In 2012, at the urging of Canadian-based J.D Irving Company, Maine lawmakers passed a law that, among other things, weakens water quality protections for a specific type of mining in Maine (metallic mineral mining also known as sulfide mining).
Sulfide mining could have dramatic implications on Maine's clean water and wildlife habitat, and Maine Conservation Voters continues to advocate for strengthening and clarifying clean water standards in any rules or legislation on this issue. Additionally, we advocate for strong assurances that taxpayers will never be left footing the bill for clean up costs if sulfide mines are built in the state.
Background: Metals such as copper, silver, gold, nickel and zinc are often found in rock know as sulfide ores.
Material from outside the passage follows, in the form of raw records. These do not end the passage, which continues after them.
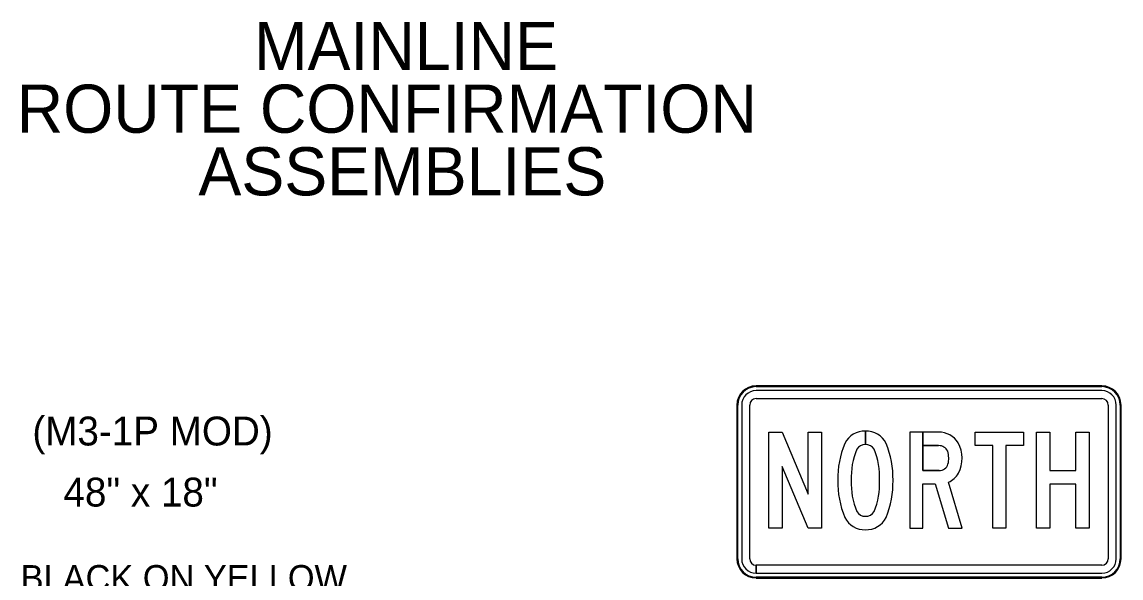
# Model space of a CAD drawing. Extents: x 17890587 to 17890754, y 17897693 to 17897992.
# Drawn here: x 17890592.3 to 17890600.01, y 17897885.1 to 17897888.99 of the extents above; entities that cross this region are included whole.
import ezdxf

# ---------------------------------------------------------------- set-up
doc = ezdxf.new("R2010")
doc.units = 0
doc.layers.add('GSColorFill', color=7, linetype='Continuous')
doc.layers.add('TextMisc', color=7, linetype='Continuous')

msp = doc.modelspace()

# ---------------------------------------------------------------- linework, layer by layer
at = {"layer": 'GSColorFill'}
for p, q in [((17890599.8718, 17897886.4444), (17890597.4481, 17897886.4444)), ((17890599.8718, 17897886.4444), (17890597.4481, 17897886.4444)), ((17890597.4481, 17897886.4388), (17890599.8718, 17897886.4388)), ((17890599.8718, 17897886.4108), (17890597.4481, 17897886.4108)), ((17890597.4481, 17897886.3547), (17890599.8718, 17897886.3547)), ((17890597.3135, 17897886.3098), (17890597.3135, 17897885.2326)), ((17890597.3135, 17897886.3098), (17890597.3135, 17897885.2326)), ((17890597.3191, 17897885.2326), (17890597.3191, 17897886.3098)), ((17890597.3471, 17897886.3098), (17890597.3471, 17897885.2326)), ((17890597.4032, 17897885.2326), (17890597.4032, 17897886.3098)), ((17890599.9167, 17897886.3098), (17890599.9167, 17897885.2326)), ((17890599.9728, 17897885.2326), (17890599.9728, 17897886.3098)), ((17890600.0008, 17897886.3098), (17890600.0008, 17897885.2326)), ((17890600.0065, 17897885.2326), (17890600.0065, 17897886.3098)), ((17890600.0065, 17897885.2326), (17890600.0065, 17897886.3098)), ((17890598.2146, 17897886.0329), (17890598.2146, 17897886.1277)), ((17890598.2146, 17897886.1277), (17890598.2146, 17897886.0329)), ((17890598.2146, 17897886.0329), (17890598.2146, 17897886.1277)), ((17890598.2146, 17897886.1277), (17890598.2146, 17897886.0329)), ((17890598.893, 17897885.4463), (17890598.7971, 17897885.7693)), ((17890597.4481, 17897885.1316), (17890597.4481, 17897885.1877)), ((17890599.8718, 17897885.1877), (17890597.4487, 17897885.1877)), ((17890597.4487, 17897885.1877), (17890597.4487, 17897885.1316)), ((17890597.4481, 17897885.0979), (17890597.4481, 17897885.1035)), ((17890597.4481, 17897885.0979), (17890599.8718, 17897885.0979)), ((17890599.8718, 17897885.1035), (17890597.4482, 17897885.1035)), ((17890597.4482, 17897885.1035), (17890597.4482, 17897885.0979)), ((17890597.4482, 17897885.0979), (17890599.8718, 17897885.0979)), ((17890597.4487, 17897885.1316), (17890599.8718, 17897885.1316))]:
    msp.add_line(p, q, dxfattribs=at)
for points in [[(17890597.6304, 17897886.1195), (17890597.8131, 17897885.6858), (17890597.8131, 17897886.1195), (17890597.9059, 17897886.1195), (17890597.9059, 17897885.4463), (17890597.8131, 17897885.4463), (17890597.6307, 17897885.8789), (17890597.6307, 17897885.4463), (17890597.5379, 17897885.4463), (17890597.5379, 17897886.1195)], [(17890597.6304, 17897886.1195), (17890597.8131, 17897885.6858), (17890597.8131, 17897886.1195), (17890597.9059, 17897886.1195), (17890597.9059, 17897885.4463), (17890597.8131, 17897885.4463), (17890597.6307, 17897885.8789), (17890597.6307, 17897885.4463), (17890597.5379, 17897885.4463), (17890597.5379, 17897886.1195)], [(17890597.6304, 17897886.1195), (17890597.8131, 17897885.6858), (17890597.8131, 17897886.1195), (17890597.9059, 17897886.1195), (17890597.9059, 17897885.4463), (17890597.8131, 17897885.4463), (17890597.6307, 17897885.8789), (17890597.6307, 17897885.4463), (17890597.5379, 17897885.4463), (17890597.5379, 17897886.1195)], [(17890599.1071, 17897886.0252), (17890598.9845, 17897886.0252), (17890598.9845, 17897886.1195), (17890599.3227, 17897886.1195), (17890599.3227, 17897886.0252), (17890599.1999, 17897886.0252), (17890599.1999, 17897885.4463), (17890599.1071, 17897885.4463)], [(17890599.1071, 17897886.0252), (17890598.9845, 17897886.0252), (17890598.9845, 17897886.1195), (17890599.3227, 17897886.1195), (17890599.3227, 17897886.0252), (17890599.1999, 17897886.0252), (17890599.1999, 17897885.4463), (17890599.1071, 17897885.4463)], [(17890599.1071, 17897886.0252), (17890598.9845, 17897886.0252), (17890598.9845, 17897886.1195), (17890599.3227, 17897886.1195), (17890599.3227, 17897886.0252), (17890599.1999, 17897886.0252), (17890599.1999, 17897885.4463), (17890599.1071, 17897885.4463)], [(17890599.414, 17897886.1195), (17890599.5068, 17897886.1195), (17890599.5068, 17897885.8502), (17890599.6892, 17897885.8502), (17890599.6892, 17897886.1195), (17890599.782, 17897886.1195), (17890599.782, 17897885.4463), (17890599.6892, 17897885.4463), (17890599.6892, 17897885.7559), (17890599.5068, 17897885.7559), (17890599.5068, 17897885.4463), (17890599.414, 17897885.4463)], [(17890599.414, 17897886.1195), (17890599.5068, 17897886.1195), (17890599.5068, 17897885.8502), (17890599.6892, 17897885.8502), (17890599.6892, 17897886.1195), (17890599.782, 17897886.1195), (17890599.782, 17897885.4463), (17890599.6892, 17897885.4463), (17890599.6892, 17897885.7559), (17890599.5068, 17897885.7559), (17890599.5068, 17897885.4463), (17890599.414, 17897885.4463)], [(17890599.414, 17897886.1195), (17890599.5068, 17897886.1195), (17890599.5068, 17897885.8502), (17890599.6892, 17897885.8502), (17890599.6892, 17897886.1195), (17890599.782, 17897886.1195), (17890599.782, 17897885.4463), (17890599.6892, 17897885.4463), (17890599.6892, 17897885.7559), (17890599.5068, 17897885.7559), (17890599.5068, 17897885.4463), (17890599.414, 17897885.4463)]]:
    msp.add_lwpolyline(points, close=True, dxfattribs=at)
for points in [[(17890598.7277, 17897886.1195), (17890598.525, 17897886.1195), (17890598.525, 17897885.4463), (17890598.6179, 17897885.4463), (17890598.6179, 17897885.758), (17890598.7035, 17897885.758), (17890598.7961, 17897885.4463), (17890598.893, 17897885.4463)], [(17890598.7312, 17897885.8522), (17890598.6179, 17897885.8522), (17890598.6179, 17897886.1195), (17890598.525, 17897886.1195), (17890598.525, 17897885.4463)], [(17890598.7312, 17897885.8522), (17890598.6179, 17897885.8522), (17890598.6179, 17897886.1195), (17890598.525, 17897886.1195), (17890598.525, 17897885.4463)], [(17890598.7277, 17897886.1195), (17890598.6179, 17897886.1195), (17890598.6179, 17897886.0252), (17890598.7277, 17897886.0252)], [(17890598.7277, 17897886.1195), (17890598.6179, 17897886.1195), (17890598.6179, 17897886.0252), (17890598.7277, 17897886.0252)], [(17890598.7277, 17897886.0252), (17890598.6179, 17897886.0252), (17890598.6179, 17897885.8522), (17890598.7312, 17897885.8522)], [(17890598.525, 17897885.4463), (17890598.6179, 17897885.4463), (17890598.6179, 17897885.758), (17890598.7035, 17897885.758), (17890598.7961, 17897885.4463), (17890598.893, 17897885.4463), (17890598.7971, 17897885.7693)], [(17890598.525, 17897885.4463), (17890598.6179, 17897885.4463), (17890598.6179, 17897885.758), (17890598.7035, 17897885.758), (17890598.7961, 17897885.4463), (17890598.893, 17897885.4463), (17890598.7971, 17897885.7693)]]:
    msp.add_lwpolyline(points, dxfattribs=at)
for centre, radius, start, end in [((17890597.4481, 17897886.3098), 0.1346, 90, 180), ((17890597.4481, 17897886.3098), 0.1346, 90, 180), ((17890597.4481, 17897886.3098), 0.129, 90, 180), ((17890597.4481, 17897886.3098), 0.101, 90, 180), ((17890599.8718, 17897886.3098), 0.1346, 0, 90), ((17890599.8718, 17897886.3098), 0.1346, 0, 90), ((17890599.8718, 17897886.3098), 0.129, 0, 90), ((17890599.8718, 17897886.3098), 0.101, 0, 90), ((17890597.4481, 17897886.3098), 0.0449, 90, 180), ((17890599.8718, 17897886.3098), 0.0449, 0, 90), ((17890597.4481, 17897885.2326), 0.1346, 180, 270), ((17890597.4481, 17897885.2326), 0.1346, 180, 270), ((17890597.4481, 17897885.2326), 0.129, 180, 270), ((17890597.4481, 17897885.2326), 0.101, 180, 270), ((17890597.4481, 17897885.2326), 0.0449, 180, 270), ((17890599.8718, 17897885.2326), 0.1346, 270, 0), ((17890599.8718, 17897885.2326), 0.1346, 270, 0), ((17890599.8718, 17897885.2326), 0.129, 270, 0), ((17890599.8718, 17897885.2326), 0.101, 270, 0), ((17890599.8718, 17897885.2326), 0.0449, 270, 0)]:
    msp.add_arc(centre, radius, start, end, dxfattribs=at)
for centre, major_axis, start_param, end_param in [((17890598.2092, 17897885.9691), (0, 0.1586), 6.248265, 7.383959), ((17890598.2092, 17897885.9691), (0, 0.1586), 6.248265, 7.383959), ((17890598.2092, 17897885.9691), (0, 0.1586), 6.248265, 7.383959), ((17890598.2201, 17897885.9691), (0, 0.1586), 5.182411, 6.318105), ((17890598.2201, 17897885.9691), (0, 0.1586), 5.182411, 6.317893), ((17890598.2201, 17897885.9691), (0, 0.1586), 5.182411, 6.317893), ((17890598.731, 17897885.9577), (0, 0.1619), 5.284461, 6.303565), ((17890598.731, 17897885.9577), (0, 0.1619), 5.284461, 6.303565), ((17890598.731, 17897885.9577), (0, 0.1619), 5.284461, 6.303565), ((17890598.6499, 17897885.7944), (0, 0.6384), 1.174158, 1.59042), ((17890598.6499, 17897885.7944), (0, 0.6384), 1.174158, 1.59042), ((17890598.6499, 17897885.7944), (0, 0.6384), 1.174158, 1.59042), ((17890598.2111, 17897885.9652), (0, 0.0678), 6.22959, 7.30809), ((17890598.2111, 17897885.9652), (0, 0.0678), 6.22959, 7.30809), ((17890598.2111, 17897885.9652), (0, 0.0678), 6.22959, 7.30809), ((17890598.2182, 17897885.9652), (0, 0.0678), 5.258281, 6.33678), ((17890598.2182, 17897885.9652), (0, 0.0678), 5.258281, 6.336283), ((17890598.2182, 17897885.9652), (0, 0.0678), 5.258281, 6.336283), ((17890597.7794, 17897885.7944), (0, 0.6384), 4.692766, 5.109028), ((17890597.7794, 17897885.7944), (0, 0.6384), 4.692766, 5.109028), ((17890597.7794, 17897885.7944), (0, 0.6384), 4.692766, 5.109028), ((17890598.7301, 17897885.956), (0, 0.0693), 5.168949, 6.317293), ((17890598.7301, 17897885.956), (0, 0.0693), 5.168949, 6.317293), ((17890598.7301, 17897885.956), (0, 0.0693), 5.168949, 6.317293), ((17890598.6711, 17897885.9373), (0, 0.2246), 4.22428, 5.21411), ((17890598.6711, 17897885.9373), (0, 0.2246), 4.22428, 5.21411), ((17890598.6711, 17897885.9373), (0, 0.2246), 4.22428, 5.21411), ((17890598.6087, 17897885.8046), (0, 0.5014), 1.169623, 1.616135), ((17890598.6087, 17897885.8046), (0, 0.5014), 1.169623, 1.616135), ((17890598.6087, 17897885.8046), (0, 0.5014), 1.169623, 1.616135), ((17890597.8206, 17897885.8046), (0, 0.5014), 4.667051, 5.113562), ((17890597.8206, 17897885.8046), (0, 0.5014), 4.667051, 5.113562), ((17890597.8206, 17897885.8046), (0, 0.5014), 4.667051, 5.113562), ((17890598.6273, 17897885.9368), (0, 0.1738), 4.469957, 5.002454), ((17890598.6273, 17897885.9368), (0, 0.1738), 4.469957, 5.002454), ((17890598.6273, 17897885.9368), (0, 0.1738), 4.469957, 5.002454), ((17890598.7362, 17897885.9128), (0, 0.0608), 3.056737, 4.417555), ((17890598.7362, 17897885.9128), (0, 0.0608), 3.056737, 4.417555), ((17890598.7362, 17897885.9128), (0, 0.0608), 3.056737, 4.417555), ((17890598.6499, 17897885.7693), (0, 0.6384), 1.551173, 1.967435), ((17890598.6499, 17897885.7693), (0, 0.6384), 1.551173, 1.967435), ((17890598.6499, 17897885.7693), (0, 0.6384), 1.551173, 1.967435), ((17890598.6087, 17897885.7591), (0, 0.5014), 1.525458, 1.97197), ((17890598.6087, 17897885.7591), (0, 0.5014), 1.525458, 1.97197), ((17890598.6087, 17897885.7591), (0, 0.5014), 1.525458, 1.97197), ((17890597.8206, 17897885.7591), (0, 0.5014), 4.311216, 4.757727), ((17890597.8206, 17897885.7591), (0, 0.5014), 4.311216, 4.757727), ((17890597.8206, 17897885.7591), (0, 0.5014), 4.311216, 4.757727), ((17890597.7794, 17897885.7693), (0, 0.6384), 4.31575, 4.732012), ((17890597.7794, 17897885.7693), (0, 0.6384), 4.31575, 4.732012), ((17890597.7794, 17897885.7693), (0, 0.6384), 4.31575, 4.732012), ((17890598.7317, 17897885.9148), (0, 0.16), 3.569693, 4.167803), ((17890598.7317, 17897885.9148), (0, 0.16), 3.569693, 4.167803), ((17890598.7317, 17897885.9148), (0, 0.16), 3.569693, 4.167803), ((17890598.2111, 17897885.5985), (0, 0.0678), 2.116688, 3.195188), ((17890598.2111, 17897885.5985), (0, 0.0678), 2.116688, 3.195188), ((17890598.2111, 17897885.5985), (0, 0.0678), 2.116688, 3.195188), ((17890598.2182, 17897885.5985), (0, 0.0678), 3.087997, 4.166497), ((17890598.2182, 17897885.5985), (0, 0.0678), 3.087997, 4.166497), ((17890598.2182, 17897885.5985), (0, 0.0678), 3.087997, 4.166497), ((17890598.2092, 17897885.5945), (0, 0.1586), 2.040819, 3.176513), ((17890598.2092, 17897885.5945), (0, 0.1586), 2.040819, 3.176513), ((17890598.2092, 17897885.5945), (0, 0.1586), 2.040819, 3.176513), ((17890598.2201, 17897885.5945), (0, 0.1586), 3.106673, 4.242367), ((17890598.2201, 17897885.5945), (0, 0.1586), 3.106673, 4.242367), ((17890598.2201, 17897885.5945), (0, 0.1586), 3.106673, 4.242367)]:
    msp.add_ellipse(centre, major_axis=major_axis, ratio=0.985082, start_param=start_param, end_param=end_param, dxfattribs=at)

# ---------------------------------------------------------------- texts
at = {"layer": 'TextMisc'}
for s, height, p in [('MAINLINE ', 0.33745, (17890593.928, 17897888.6562)), ('ROUTE CONFIRMATION', 0.337451, (17890592.2648, 17897888.2175)), ('ASSEMBLIES', 0.33745, (17890593.5387, 17897887.7788)), ('(M3-1P MOD)', 0.202479, (17890592.3747, 17897886.0265)), ('48" x 18"', 0.20248, (17890592.5927, 17897885.5986)), ('BLACK ON YELLOW', 0.17999, (17890592.2927, 17897885.0087))]:
    msp.add_text(s, height=height, dxfattribs=at).set_placement(p)

doc.saveas('drawing.dxf')

Sulfide mining is the process of extracting these metals from rock deposits. The process almost always involves carving large open pits into the landscape to expose ore-bearing rock. The rock is then pulverized so the desirable metals can be retrieved.
Pollution from this type of mining presents significant risks to the environment. When sulfides in rock are excavated and exposed to water and air in the mining process, a chemical reaction creates sulfuric acid, which is highly corrosive. When it gets into ground and surface waters, it destroys water quality and kills aquatic life. The result of this process is known as acid mine drainage (AMD).
Additionally, the process of pulverizing rock to expose desirable metals can also unearth a host of toxic heavy metals like lead, mercury, and copper sulfate. Water can then leach these metals out of the rocks into nearby waters, and the acidic conditions created by the AMD make this leaching even worse. The signature of AMD is a slimy, orange coating (precipitate) that builds up in the beds of affected waterways.